His legacy would include a hit list: the Octet, Hebrides overture, Elijah oratorio, Violin Concerto, and six highly personal string quartets. He also penned five orchestral symphonies (as opposed to his string symphonies), with the Italian and Scotch still holding court in the standard repertoire. His Symphony No. 5, however, never enjoyed the accolades of its siblings, even though it shimmers with some of Mendelssohn’s most thrilling music.
“It’s underrated,’’ said TFO Music Director Michael Francis. “And it’s bigger than most people might understand because it’s about religious tolerance. There’s a sense of him letting go of his past, of the anti-Semitism.’’
Born in Hamburg into a Protestant family of Jewish heritage, the young composer knew prejudice as a constant. Throughout his short life – he died at age 38 – persecution was never far from his personal beliefs and artistic creations. This makes his Fifth Symphony cathartic in its use of religious motifs. In the first movement, we hear the Dresden Amen – a sequence of six notes sung by choirs of the time – which represents the Catholic faith. In the finale we hear Martin Luther’s chorale A Mighty Fortress is our God, which represents the Protestant faith.
Mendelssohn composed the work in honor of the 300th anniversary of the Augsburg Confession, a cornerstone of Lutheranism and the Protestant Reformation. He originally called it his Symphony to Celebrate the Church Revolution, but his sister Fanny later gave the work a name that stuck: Reformation.
It opens with a slow, dignified introduction in D major – although D minor provides the undercurrent afterward – and ends with the Dresden Amen that Wagner would later use as the Grail theme in Parsifal.
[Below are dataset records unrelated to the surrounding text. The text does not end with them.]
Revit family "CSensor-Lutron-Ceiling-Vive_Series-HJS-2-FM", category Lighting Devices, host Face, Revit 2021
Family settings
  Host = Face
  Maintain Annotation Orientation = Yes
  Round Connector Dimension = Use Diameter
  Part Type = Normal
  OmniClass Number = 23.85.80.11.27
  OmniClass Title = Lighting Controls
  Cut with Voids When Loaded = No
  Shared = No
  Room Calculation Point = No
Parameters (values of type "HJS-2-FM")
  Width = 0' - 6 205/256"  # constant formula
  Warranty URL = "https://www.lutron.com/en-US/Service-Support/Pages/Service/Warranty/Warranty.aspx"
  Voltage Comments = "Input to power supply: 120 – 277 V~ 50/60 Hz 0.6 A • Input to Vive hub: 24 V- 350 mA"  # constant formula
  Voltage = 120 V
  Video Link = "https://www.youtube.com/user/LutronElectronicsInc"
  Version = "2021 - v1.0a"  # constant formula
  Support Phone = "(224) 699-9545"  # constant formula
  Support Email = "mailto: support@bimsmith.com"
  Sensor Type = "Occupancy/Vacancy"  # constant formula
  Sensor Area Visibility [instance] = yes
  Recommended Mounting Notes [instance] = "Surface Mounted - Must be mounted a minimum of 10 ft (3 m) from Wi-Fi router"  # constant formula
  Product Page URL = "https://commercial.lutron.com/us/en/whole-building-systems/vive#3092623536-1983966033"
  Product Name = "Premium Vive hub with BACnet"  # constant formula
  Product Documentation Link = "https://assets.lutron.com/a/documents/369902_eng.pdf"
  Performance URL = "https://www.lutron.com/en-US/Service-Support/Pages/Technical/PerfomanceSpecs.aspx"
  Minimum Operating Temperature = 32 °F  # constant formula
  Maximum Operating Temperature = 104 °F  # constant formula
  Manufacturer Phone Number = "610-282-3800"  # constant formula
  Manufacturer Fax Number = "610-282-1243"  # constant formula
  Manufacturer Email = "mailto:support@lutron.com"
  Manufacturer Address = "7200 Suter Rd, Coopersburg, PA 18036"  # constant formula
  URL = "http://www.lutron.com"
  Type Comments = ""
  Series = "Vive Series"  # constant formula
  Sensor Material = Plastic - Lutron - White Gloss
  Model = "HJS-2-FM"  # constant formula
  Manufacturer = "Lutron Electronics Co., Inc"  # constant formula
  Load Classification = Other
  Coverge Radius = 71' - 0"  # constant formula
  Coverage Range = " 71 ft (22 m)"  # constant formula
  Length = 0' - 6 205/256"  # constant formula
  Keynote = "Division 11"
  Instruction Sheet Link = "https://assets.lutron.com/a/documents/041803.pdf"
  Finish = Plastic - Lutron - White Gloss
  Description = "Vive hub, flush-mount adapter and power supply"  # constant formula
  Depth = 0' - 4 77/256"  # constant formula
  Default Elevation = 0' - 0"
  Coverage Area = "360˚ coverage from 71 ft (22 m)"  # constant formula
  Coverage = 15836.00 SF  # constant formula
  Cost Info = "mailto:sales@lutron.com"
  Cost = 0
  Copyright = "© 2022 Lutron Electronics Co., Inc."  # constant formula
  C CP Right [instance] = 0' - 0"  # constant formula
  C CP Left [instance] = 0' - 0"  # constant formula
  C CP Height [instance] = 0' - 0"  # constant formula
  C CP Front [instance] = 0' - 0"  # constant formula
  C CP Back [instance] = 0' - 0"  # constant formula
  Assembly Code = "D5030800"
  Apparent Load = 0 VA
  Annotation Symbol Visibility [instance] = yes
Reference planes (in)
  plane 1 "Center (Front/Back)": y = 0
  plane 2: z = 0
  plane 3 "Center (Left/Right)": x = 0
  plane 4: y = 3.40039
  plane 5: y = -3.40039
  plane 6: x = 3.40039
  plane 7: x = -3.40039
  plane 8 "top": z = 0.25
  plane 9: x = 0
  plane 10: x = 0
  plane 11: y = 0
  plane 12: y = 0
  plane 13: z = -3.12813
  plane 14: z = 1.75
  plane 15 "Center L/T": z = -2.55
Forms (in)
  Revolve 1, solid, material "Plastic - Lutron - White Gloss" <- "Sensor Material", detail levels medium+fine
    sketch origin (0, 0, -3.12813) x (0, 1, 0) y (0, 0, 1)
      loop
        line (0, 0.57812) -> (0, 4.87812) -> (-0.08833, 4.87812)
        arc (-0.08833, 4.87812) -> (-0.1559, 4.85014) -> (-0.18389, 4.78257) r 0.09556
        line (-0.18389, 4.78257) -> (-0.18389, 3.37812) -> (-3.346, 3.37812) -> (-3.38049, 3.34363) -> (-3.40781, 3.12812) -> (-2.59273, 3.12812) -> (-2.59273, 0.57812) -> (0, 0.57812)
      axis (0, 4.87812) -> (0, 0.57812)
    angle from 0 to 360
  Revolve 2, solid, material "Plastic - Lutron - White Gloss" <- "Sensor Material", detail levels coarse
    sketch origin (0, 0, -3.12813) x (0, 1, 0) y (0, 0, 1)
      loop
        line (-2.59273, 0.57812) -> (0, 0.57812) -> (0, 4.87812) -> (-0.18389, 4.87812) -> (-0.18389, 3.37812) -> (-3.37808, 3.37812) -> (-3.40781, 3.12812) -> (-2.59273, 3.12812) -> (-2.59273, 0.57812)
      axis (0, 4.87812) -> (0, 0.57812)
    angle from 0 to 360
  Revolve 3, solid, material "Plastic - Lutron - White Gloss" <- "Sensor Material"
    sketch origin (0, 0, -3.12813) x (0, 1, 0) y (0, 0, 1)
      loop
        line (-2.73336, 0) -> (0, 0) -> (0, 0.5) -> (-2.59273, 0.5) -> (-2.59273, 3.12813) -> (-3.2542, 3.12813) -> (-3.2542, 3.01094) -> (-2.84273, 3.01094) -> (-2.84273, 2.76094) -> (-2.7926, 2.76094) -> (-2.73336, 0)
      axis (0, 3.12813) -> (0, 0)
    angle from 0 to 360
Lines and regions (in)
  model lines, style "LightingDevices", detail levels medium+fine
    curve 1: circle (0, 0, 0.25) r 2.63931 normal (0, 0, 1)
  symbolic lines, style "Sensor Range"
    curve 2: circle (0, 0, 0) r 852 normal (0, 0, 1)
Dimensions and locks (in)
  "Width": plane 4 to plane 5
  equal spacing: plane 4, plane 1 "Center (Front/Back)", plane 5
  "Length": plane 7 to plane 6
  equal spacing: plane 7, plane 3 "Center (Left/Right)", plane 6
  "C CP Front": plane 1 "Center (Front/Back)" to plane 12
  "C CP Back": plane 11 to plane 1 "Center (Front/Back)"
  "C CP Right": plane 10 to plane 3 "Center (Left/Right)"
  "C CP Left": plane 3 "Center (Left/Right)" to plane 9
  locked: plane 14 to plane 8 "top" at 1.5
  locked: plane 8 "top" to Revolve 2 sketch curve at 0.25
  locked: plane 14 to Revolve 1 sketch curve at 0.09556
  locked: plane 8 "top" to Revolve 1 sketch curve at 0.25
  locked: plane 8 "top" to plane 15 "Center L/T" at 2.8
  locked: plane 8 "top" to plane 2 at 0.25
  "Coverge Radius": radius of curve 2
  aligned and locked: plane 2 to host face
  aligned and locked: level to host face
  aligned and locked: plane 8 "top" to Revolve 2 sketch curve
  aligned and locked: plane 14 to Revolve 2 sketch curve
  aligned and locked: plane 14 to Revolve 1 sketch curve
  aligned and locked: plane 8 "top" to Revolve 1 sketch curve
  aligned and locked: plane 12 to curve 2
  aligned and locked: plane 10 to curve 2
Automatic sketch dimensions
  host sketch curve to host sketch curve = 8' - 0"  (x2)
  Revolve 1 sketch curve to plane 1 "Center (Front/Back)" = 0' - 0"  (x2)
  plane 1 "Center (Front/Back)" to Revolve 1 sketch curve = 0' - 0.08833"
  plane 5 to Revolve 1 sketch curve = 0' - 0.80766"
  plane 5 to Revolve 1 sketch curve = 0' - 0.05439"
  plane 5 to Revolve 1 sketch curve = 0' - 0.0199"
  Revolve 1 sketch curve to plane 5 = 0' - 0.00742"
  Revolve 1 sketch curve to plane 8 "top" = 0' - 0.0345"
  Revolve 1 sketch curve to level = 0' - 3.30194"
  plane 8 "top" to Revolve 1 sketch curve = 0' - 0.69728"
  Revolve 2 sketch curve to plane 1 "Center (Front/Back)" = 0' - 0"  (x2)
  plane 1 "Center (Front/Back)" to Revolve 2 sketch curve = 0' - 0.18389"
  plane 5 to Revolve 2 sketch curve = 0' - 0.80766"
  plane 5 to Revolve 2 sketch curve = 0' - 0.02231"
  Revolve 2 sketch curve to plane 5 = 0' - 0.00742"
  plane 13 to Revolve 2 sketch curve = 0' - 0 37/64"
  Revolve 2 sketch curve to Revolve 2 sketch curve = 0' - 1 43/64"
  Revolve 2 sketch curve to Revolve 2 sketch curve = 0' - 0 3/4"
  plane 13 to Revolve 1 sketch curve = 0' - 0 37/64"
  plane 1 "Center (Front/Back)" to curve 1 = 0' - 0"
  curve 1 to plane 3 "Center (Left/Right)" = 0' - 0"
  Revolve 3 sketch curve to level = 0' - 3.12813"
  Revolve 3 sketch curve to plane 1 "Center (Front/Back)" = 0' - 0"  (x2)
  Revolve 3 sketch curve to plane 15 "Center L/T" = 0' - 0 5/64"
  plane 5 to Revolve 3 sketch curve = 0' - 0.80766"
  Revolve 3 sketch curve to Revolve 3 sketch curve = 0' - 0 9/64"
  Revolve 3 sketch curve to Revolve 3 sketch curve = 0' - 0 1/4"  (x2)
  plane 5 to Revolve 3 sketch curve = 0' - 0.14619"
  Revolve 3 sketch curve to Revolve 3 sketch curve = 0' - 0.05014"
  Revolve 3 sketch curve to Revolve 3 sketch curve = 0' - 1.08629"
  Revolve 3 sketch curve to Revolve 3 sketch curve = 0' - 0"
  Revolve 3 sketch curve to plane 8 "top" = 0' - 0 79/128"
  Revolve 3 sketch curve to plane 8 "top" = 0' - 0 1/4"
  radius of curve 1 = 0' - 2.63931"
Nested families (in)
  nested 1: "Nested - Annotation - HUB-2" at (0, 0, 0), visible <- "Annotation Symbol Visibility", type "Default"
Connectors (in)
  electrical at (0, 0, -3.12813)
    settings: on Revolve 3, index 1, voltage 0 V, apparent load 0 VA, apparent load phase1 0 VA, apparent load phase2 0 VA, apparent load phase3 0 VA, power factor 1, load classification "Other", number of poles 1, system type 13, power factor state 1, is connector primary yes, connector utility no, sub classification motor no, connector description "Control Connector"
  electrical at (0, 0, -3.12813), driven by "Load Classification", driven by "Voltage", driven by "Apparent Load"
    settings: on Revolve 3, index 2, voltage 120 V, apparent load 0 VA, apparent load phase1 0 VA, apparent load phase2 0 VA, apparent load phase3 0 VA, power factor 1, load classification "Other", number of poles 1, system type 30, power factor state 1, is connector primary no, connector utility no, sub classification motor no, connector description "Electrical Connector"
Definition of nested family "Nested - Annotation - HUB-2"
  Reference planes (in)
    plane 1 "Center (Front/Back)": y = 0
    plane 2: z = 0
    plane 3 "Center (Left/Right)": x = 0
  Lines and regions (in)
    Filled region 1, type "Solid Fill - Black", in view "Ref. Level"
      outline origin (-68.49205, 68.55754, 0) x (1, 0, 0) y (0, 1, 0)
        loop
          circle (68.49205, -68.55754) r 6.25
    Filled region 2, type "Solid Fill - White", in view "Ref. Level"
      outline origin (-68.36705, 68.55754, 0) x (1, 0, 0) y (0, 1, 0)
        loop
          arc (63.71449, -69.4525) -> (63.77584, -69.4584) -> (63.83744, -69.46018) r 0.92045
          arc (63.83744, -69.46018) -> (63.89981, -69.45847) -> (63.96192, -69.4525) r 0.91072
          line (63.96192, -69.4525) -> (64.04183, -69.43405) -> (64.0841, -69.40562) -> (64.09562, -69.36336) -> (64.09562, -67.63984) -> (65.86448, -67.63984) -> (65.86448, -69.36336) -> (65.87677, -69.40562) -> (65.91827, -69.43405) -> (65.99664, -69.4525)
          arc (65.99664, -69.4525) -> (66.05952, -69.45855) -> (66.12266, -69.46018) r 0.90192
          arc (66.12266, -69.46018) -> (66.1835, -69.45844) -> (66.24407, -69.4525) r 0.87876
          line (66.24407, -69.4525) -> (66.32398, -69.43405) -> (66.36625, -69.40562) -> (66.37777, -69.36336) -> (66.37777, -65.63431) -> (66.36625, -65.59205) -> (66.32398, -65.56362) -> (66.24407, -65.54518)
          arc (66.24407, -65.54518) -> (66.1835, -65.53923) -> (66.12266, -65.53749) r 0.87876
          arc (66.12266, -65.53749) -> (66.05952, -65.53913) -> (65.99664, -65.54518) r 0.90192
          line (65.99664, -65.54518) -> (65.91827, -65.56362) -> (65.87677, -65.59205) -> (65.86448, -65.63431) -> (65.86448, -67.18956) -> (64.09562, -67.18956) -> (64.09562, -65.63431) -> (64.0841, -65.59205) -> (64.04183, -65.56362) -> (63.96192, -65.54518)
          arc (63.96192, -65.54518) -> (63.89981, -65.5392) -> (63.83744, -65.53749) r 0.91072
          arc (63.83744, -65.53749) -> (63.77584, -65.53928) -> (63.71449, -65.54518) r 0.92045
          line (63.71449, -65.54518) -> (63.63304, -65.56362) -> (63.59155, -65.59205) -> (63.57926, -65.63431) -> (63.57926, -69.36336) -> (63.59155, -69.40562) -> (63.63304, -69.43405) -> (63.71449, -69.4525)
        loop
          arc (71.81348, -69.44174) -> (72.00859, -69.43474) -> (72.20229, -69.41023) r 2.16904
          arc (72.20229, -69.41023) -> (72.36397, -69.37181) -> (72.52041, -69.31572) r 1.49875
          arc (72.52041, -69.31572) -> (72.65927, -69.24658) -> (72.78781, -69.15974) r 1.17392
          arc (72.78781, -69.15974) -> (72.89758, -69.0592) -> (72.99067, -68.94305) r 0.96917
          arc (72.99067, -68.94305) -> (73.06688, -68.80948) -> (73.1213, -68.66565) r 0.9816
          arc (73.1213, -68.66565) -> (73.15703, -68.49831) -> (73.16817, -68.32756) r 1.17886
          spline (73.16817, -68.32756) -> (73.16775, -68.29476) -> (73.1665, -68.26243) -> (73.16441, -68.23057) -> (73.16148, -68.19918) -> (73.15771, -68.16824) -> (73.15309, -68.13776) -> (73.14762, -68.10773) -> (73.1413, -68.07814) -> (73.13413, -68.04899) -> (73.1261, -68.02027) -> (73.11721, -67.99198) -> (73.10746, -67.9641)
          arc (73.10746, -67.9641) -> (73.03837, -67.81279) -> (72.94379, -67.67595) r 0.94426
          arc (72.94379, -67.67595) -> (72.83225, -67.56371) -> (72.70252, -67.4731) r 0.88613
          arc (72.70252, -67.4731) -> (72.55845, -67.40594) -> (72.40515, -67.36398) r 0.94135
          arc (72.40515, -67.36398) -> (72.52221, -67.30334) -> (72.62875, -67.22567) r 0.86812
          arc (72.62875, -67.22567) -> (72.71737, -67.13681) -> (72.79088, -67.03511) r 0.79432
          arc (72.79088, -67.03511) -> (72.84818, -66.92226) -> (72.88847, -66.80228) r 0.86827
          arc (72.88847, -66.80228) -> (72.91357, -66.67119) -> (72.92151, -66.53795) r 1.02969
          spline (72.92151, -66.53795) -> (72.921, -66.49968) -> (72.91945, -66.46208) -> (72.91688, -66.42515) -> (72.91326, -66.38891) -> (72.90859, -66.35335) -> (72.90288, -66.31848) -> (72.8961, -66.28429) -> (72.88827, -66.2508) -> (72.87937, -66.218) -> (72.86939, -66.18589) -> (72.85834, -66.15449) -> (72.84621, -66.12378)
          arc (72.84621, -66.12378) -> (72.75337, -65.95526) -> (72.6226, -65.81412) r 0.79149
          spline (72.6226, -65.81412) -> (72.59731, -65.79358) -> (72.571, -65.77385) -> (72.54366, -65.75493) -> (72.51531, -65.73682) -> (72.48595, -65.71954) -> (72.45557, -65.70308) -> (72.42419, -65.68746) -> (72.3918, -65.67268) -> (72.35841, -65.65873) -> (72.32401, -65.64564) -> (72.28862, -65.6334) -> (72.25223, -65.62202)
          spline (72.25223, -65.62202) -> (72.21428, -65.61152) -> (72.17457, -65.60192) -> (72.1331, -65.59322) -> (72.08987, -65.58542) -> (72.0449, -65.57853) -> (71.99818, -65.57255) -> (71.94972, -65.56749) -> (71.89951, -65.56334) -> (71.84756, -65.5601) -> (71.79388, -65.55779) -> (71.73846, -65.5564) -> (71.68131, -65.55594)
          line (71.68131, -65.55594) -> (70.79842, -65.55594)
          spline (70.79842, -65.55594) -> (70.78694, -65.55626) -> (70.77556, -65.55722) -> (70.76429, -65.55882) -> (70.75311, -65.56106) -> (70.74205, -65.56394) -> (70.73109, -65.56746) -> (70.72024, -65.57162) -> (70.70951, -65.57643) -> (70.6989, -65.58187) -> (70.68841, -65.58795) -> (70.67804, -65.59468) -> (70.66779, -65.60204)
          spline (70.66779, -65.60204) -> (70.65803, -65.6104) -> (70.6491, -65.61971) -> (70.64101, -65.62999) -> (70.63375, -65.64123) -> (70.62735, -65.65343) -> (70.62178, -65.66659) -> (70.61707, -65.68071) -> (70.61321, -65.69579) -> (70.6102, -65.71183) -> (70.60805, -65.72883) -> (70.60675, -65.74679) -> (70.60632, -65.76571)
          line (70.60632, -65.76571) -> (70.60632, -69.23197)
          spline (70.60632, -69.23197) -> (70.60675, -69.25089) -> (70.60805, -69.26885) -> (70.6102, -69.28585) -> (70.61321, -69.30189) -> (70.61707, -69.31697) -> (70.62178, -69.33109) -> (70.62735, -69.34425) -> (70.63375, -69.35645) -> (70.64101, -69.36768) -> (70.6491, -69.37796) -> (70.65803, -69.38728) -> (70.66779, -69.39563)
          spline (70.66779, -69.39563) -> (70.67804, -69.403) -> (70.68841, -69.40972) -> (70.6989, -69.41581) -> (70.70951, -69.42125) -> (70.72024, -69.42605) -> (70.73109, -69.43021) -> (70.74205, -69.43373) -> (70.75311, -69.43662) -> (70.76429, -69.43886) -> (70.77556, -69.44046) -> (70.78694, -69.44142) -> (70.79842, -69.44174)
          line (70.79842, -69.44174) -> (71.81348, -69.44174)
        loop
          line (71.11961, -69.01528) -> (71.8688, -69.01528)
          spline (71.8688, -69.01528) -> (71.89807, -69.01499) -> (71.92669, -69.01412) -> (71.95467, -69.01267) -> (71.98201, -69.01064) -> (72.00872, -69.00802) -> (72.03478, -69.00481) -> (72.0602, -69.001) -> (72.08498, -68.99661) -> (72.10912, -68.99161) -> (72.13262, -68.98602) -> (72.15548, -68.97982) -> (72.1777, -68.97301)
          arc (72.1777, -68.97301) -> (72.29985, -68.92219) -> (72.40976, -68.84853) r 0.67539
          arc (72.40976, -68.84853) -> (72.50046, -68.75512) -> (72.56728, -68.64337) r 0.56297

A galloping scherzo follows, full of the elfin spirit for which Mendelssohn is so well known, and leads into a brief lyrical andante that showcases the strings.
Suddenly, a lone flute appears, singing Luther’s famed hymn as it invites other instruments to join in. As more voices unite, the music grows noble and majestic. A shift in rhythm picks up the pace, and Luther’s melody begins to soar on a wave of counterpoint before coming to a triumphant close.
Quarter note: The Reformation, by the way, wasn’t the last of Mendelssohn’s five symphonies, and the muddled publication of these pieces only confuses the real chronological order: 1, 5, 4, 2, 3. This means the Fifth is actually his Second, written by a 21-year-old composer of remarkable maturity and self-confidence.
Kurt Loft, former music critic for The Tampa Tribune, has been writing about the Tampa Bay arts for more than 40 years.